[Source data]
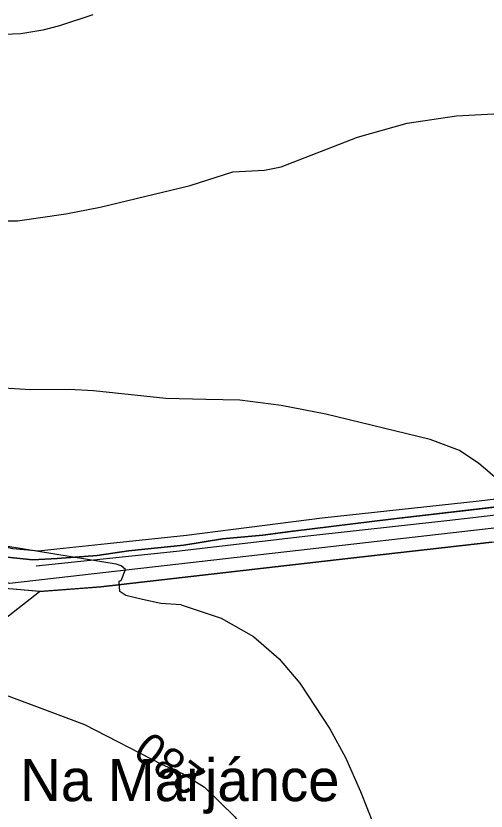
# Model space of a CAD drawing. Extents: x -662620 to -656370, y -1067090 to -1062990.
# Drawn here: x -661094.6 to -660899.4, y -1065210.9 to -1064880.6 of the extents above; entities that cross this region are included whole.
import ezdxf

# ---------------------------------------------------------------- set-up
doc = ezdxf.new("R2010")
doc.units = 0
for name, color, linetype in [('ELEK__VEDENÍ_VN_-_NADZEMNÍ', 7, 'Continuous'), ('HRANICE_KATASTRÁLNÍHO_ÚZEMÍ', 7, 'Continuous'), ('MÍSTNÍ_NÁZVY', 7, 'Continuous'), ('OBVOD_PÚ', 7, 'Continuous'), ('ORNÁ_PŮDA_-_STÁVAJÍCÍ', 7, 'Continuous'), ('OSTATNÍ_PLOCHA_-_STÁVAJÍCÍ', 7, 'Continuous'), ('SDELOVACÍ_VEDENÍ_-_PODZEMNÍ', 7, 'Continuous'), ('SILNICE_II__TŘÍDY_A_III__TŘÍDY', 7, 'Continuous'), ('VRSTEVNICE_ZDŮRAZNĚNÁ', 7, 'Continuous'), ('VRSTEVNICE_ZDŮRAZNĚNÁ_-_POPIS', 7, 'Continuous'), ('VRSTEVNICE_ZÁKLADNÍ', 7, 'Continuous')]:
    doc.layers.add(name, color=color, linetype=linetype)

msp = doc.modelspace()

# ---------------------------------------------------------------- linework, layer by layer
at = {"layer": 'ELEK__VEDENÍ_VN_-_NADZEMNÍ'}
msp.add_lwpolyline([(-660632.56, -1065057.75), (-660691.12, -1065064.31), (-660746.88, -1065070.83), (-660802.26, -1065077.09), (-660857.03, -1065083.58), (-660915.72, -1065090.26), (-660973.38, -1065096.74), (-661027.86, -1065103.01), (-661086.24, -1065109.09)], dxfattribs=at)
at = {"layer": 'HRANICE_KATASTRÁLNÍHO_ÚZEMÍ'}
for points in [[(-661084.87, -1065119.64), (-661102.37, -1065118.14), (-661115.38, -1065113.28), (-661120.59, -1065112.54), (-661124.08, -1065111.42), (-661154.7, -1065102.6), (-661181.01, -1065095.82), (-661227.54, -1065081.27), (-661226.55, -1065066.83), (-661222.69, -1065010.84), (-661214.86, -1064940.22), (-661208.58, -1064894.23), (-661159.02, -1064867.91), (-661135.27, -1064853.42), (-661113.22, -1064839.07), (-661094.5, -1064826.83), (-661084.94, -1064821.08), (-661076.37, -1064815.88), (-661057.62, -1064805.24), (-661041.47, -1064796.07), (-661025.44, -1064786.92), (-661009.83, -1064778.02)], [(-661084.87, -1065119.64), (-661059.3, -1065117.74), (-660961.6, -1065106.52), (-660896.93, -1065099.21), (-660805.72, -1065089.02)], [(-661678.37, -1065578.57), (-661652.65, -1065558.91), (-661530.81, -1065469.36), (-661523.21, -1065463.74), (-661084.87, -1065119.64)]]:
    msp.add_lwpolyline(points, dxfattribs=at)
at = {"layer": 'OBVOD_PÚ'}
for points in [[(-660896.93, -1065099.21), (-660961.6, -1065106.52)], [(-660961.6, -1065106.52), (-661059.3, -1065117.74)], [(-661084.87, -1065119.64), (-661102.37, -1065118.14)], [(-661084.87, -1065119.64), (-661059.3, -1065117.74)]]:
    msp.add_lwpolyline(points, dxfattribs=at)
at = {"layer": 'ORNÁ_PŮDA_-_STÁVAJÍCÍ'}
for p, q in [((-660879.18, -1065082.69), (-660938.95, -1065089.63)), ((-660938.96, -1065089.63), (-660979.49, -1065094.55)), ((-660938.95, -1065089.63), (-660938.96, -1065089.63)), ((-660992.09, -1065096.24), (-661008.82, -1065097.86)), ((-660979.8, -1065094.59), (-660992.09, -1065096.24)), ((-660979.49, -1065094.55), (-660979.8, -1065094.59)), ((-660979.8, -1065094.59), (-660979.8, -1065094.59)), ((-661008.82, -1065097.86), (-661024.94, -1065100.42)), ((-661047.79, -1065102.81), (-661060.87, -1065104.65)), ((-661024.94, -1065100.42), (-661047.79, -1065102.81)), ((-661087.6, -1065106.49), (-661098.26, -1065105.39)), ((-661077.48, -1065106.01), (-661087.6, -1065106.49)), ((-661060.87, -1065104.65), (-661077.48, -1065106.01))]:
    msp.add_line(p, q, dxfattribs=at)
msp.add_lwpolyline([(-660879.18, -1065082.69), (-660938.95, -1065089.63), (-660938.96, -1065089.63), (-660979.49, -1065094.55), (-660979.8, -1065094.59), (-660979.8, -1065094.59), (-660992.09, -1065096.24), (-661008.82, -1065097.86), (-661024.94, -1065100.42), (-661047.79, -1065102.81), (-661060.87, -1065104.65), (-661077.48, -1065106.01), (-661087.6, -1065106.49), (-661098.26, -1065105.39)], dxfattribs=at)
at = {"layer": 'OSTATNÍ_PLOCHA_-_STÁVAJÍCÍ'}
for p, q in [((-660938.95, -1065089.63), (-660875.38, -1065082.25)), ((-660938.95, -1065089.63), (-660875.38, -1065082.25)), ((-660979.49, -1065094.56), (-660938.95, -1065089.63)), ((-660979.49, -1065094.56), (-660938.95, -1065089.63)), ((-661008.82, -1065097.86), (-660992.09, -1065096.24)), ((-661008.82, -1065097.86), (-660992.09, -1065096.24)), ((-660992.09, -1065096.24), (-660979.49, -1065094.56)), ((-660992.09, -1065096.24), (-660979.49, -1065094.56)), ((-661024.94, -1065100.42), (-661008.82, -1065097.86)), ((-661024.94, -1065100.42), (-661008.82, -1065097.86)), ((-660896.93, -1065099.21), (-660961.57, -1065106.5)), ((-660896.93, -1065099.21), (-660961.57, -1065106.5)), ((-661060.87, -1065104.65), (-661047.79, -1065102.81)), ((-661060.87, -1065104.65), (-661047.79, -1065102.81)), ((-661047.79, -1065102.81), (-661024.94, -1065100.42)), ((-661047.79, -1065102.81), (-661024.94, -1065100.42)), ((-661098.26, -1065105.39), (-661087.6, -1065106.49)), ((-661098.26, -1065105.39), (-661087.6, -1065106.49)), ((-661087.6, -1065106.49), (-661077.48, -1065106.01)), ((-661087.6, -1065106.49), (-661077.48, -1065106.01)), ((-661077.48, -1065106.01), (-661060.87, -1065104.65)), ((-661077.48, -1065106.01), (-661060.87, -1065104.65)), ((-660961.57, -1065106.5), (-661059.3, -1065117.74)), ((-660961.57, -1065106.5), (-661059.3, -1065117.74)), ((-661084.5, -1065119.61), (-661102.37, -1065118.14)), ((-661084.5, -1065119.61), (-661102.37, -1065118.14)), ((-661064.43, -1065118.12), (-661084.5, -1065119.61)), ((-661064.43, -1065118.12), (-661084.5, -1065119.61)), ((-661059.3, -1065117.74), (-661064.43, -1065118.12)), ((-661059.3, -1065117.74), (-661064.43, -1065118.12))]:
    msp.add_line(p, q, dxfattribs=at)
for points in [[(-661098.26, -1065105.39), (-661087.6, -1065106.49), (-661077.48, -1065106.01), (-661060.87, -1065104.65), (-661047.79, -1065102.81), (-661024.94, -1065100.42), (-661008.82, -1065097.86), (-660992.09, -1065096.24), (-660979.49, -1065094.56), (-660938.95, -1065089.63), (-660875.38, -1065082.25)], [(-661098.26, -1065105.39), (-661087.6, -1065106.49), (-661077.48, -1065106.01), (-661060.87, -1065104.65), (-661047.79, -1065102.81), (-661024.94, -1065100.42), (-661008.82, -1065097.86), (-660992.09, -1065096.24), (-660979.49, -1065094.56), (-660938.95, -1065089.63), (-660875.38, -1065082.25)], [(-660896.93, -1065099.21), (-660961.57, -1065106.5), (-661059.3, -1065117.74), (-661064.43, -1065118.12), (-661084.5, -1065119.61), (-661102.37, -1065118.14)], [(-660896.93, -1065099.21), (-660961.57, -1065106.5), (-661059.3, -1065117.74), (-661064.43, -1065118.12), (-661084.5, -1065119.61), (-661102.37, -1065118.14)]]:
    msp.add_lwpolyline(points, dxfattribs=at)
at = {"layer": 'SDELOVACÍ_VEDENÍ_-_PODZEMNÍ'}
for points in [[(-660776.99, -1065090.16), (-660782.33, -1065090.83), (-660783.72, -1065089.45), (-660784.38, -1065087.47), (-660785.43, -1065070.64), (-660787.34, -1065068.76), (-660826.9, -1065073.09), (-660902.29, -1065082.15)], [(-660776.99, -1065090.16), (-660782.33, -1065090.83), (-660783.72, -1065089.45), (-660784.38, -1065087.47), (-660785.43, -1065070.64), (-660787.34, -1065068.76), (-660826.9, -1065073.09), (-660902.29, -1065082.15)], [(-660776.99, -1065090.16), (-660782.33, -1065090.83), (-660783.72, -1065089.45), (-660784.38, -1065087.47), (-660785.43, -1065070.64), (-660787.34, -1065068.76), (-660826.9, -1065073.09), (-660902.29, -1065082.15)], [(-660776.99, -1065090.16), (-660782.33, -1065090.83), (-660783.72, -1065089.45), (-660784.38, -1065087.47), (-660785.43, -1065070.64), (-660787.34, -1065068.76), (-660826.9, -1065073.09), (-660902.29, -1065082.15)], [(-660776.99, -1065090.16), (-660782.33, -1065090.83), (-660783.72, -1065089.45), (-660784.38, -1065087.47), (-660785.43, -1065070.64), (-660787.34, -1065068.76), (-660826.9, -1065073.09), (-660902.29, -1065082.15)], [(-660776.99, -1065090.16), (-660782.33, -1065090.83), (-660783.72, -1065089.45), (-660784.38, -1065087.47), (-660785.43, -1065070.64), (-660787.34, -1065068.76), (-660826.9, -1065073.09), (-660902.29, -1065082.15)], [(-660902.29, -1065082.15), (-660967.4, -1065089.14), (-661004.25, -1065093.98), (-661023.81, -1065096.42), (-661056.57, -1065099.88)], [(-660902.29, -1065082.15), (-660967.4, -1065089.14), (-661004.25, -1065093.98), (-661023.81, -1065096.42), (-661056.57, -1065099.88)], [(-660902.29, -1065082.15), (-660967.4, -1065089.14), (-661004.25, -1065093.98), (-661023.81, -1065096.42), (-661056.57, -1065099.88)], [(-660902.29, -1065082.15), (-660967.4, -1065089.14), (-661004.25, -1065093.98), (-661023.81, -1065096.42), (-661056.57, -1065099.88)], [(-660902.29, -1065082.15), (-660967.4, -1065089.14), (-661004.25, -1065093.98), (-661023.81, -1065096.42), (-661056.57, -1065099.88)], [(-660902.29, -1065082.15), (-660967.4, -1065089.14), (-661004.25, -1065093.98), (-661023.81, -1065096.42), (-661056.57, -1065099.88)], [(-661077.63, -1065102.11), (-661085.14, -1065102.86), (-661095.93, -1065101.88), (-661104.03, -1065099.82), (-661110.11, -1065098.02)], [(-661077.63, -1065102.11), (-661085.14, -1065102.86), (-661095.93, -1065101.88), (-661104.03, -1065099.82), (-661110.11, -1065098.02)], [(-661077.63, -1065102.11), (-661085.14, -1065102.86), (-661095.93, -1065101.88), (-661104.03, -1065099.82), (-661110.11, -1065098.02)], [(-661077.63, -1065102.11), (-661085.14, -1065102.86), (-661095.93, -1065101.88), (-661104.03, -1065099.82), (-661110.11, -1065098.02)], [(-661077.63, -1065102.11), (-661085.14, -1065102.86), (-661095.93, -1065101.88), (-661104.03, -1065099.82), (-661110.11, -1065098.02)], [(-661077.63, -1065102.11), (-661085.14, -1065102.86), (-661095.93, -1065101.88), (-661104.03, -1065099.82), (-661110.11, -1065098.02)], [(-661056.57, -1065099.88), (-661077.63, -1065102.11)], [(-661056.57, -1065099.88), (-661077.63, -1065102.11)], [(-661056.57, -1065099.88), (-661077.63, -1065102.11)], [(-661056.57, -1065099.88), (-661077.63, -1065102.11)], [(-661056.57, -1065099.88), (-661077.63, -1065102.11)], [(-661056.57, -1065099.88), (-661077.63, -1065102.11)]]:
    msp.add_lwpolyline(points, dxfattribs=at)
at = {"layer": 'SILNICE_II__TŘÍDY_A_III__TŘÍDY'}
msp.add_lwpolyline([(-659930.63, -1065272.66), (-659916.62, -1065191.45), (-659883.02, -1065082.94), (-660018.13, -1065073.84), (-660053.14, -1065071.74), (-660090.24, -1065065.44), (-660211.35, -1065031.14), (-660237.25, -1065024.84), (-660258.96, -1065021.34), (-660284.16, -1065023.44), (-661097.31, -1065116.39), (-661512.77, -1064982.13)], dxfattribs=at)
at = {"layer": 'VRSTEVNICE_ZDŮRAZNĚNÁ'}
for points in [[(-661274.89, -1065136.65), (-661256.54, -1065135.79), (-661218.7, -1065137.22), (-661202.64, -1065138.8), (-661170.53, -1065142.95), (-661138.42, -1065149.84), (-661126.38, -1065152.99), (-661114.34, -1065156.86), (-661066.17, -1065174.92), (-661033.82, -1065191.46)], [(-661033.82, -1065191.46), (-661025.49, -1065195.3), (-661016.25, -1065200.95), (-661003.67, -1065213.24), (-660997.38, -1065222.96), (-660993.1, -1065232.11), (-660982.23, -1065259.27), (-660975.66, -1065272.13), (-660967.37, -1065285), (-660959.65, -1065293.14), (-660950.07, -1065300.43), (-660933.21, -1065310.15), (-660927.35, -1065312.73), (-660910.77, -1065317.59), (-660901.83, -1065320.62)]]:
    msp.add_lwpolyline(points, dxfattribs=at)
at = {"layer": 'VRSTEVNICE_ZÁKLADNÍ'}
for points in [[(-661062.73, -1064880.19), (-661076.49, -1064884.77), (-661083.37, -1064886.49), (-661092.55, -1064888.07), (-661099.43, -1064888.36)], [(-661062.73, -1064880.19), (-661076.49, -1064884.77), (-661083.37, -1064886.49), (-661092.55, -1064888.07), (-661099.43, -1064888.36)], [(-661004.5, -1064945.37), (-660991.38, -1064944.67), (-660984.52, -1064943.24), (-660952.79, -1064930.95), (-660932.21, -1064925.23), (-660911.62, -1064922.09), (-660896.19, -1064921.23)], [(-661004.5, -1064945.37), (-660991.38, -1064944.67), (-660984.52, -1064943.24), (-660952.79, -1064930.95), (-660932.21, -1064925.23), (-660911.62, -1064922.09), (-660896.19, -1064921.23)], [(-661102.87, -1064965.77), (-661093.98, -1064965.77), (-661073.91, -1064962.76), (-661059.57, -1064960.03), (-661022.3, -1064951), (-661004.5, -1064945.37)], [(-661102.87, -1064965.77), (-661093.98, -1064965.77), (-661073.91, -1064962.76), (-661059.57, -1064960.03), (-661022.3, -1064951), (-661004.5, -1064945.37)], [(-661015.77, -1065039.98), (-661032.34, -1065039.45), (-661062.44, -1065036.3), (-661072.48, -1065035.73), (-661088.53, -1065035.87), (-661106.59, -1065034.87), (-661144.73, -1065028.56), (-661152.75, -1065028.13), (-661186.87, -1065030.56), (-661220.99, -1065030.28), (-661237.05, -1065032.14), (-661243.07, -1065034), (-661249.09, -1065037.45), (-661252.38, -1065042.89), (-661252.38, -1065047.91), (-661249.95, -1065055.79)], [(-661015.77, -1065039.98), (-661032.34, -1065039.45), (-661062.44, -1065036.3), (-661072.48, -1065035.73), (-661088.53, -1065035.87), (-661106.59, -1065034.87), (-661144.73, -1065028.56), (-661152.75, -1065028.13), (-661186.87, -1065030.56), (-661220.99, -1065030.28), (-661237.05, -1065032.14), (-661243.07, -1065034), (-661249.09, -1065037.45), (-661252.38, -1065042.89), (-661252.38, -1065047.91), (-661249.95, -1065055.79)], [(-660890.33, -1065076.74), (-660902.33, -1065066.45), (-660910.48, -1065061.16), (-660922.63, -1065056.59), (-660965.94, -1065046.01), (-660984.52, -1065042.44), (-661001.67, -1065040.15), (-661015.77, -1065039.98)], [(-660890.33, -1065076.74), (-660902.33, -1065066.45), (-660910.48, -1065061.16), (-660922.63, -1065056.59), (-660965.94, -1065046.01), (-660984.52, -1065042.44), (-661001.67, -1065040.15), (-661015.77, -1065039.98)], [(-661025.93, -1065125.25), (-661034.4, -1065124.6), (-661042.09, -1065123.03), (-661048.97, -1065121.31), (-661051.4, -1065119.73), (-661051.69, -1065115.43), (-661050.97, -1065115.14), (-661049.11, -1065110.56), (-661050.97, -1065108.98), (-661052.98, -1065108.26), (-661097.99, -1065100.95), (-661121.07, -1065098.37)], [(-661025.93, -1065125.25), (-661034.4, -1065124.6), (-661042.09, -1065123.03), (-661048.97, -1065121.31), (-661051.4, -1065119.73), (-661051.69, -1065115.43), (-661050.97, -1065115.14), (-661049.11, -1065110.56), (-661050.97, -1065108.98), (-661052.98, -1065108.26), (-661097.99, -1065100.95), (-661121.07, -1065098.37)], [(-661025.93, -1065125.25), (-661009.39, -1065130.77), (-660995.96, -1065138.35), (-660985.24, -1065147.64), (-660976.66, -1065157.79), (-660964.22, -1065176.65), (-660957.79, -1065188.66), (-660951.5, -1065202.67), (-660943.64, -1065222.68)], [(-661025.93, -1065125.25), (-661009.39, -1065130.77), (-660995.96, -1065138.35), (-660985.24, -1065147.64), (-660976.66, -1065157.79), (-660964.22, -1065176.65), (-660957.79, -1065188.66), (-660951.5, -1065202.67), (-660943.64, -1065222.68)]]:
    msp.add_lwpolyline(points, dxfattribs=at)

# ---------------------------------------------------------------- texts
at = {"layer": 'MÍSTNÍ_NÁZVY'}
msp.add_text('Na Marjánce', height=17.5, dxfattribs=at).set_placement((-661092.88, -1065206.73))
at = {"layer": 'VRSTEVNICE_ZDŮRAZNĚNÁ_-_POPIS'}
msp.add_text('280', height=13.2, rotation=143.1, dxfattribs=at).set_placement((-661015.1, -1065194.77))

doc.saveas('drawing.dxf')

Problem statement
Exactly the lines from the top of the entries through the line with "doc.units = 0", inclusive, must be given again, with every picture omitted.

Exercise answer
# Model space of a CAD drawing. Extents: x -662620 to -656370, y -1067090 to -1062990.
# Drawn here: x -661094.6 to -660899.4, y -1065210.9 to -1064880.6 of the extents above; entities that cross this region are included whole.
import ezdxf

# ---------------------------------------------------------------- set-up
doc = ezdxf.new("R2010")
doc.units = 0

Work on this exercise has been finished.